In the records that follow, the lines from the one containing "#2359 = LINE ( 'NONE', #2397, #97 ) ;" to the one containing "#2483 = CARTESIAN_POINT", inclusive, are to be given again exactly.

Exercise materials -
========================================

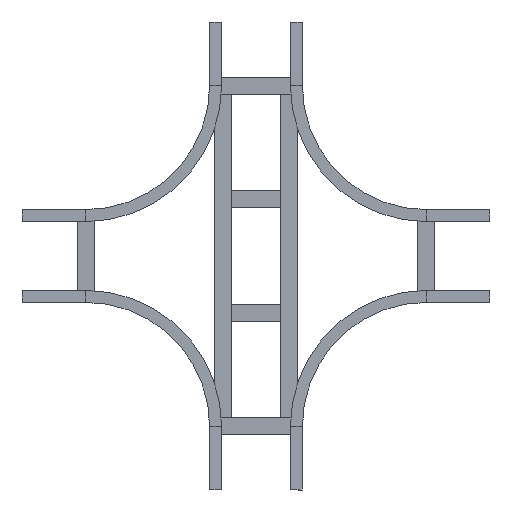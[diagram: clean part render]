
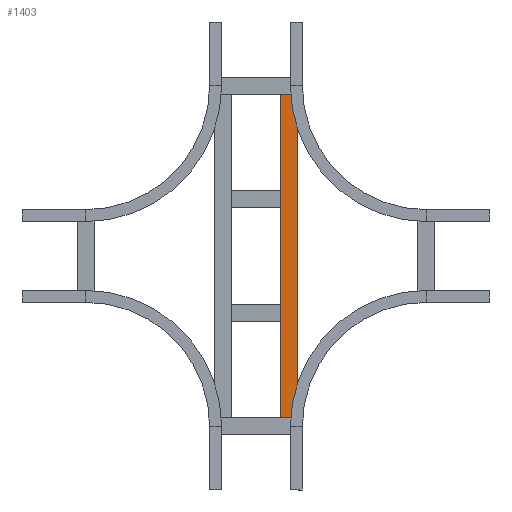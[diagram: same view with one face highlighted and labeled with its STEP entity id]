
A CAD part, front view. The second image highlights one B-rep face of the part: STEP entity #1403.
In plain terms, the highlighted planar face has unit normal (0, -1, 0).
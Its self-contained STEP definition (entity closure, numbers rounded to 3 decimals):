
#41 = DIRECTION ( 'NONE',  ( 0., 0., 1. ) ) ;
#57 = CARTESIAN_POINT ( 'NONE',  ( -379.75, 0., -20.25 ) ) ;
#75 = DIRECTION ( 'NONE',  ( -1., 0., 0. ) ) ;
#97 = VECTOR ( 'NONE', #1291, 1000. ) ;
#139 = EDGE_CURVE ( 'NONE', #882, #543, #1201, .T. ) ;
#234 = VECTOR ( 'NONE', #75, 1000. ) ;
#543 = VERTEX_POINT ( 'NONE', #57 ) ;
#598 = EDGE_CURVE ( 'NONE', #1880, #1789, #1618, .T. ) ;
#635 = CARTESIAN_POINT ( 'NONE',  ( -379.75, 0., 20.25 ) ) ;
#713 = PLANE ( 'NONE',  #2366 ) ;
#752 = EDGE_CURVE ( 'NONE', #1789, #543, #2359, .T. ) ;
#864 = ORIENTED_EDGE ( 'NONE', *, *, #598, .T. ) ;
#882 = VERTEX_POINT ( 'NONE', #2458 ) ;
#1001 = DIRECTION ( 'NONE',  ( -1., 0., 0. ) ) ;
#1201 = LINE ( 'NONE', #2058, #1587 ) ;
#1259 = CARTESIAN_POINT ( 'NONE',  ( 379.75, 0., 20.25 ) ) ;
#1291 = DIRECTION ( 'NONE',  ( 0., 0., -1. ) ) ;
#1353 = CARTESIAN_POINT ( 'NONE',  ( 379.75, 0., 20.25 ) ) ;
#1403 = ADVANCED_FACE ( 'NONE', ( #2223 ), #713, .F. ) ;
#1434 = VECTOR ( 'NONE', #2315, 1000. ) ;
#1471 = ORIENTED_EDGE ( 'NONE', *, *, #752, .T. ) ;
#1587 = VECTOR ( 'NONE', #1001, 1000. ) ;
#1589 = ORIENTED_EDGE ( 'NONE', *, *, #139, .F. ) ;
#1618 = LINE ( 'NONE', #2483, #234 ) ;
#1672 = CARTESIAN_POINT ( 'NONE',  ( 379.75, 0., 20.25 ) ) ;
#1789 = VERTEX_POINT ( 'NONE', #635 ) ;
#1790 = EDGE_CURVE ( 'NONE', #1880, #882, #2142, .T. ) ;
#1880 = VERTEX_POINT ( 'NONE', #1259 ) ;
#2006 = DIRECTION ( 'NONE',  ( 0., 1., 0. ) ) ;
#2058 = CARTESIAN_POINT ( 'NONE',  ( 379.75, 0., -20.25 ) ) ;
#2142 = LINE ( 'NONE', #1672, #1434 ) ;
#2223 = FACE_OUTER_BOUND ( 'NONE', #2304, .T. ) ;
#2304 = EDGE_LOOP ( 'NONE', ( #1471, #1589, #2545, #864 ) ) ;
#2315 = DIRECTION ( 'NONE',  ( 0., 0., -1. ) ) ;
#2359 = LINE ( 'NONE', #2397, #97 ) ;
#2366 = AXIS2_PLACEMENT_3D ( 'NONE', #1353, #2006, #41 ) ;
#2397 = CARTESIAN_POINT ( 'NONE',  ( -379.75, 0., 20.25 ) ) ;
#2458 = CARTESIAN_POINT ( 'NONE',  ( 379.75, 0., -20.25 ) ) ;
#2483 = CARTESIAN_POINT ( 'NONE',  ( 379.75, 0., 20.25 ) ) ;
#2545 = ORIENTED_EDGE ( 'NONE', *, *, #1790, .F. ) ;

========================================

Response box -
#2359 = LINE ( 'NONE', #2397, #97 ) ;
#2366 = AXIS2_PLACEMENT_3D ( 'NONE', #1353, #2006, #41 ) ;
#2397 = CARTESIAN_POINT ( 'NONE',  ( -379.75, 0., 20.25 ) ) ;
#2458 = CARTESIAN_POINT ( 'NONE',  ( 379.75, 0., -20.25 ) ) ;
#2483 = CARTESIAN_POINT ( 'NONE',  ( 379.75, 0., 20.25 ) ) ;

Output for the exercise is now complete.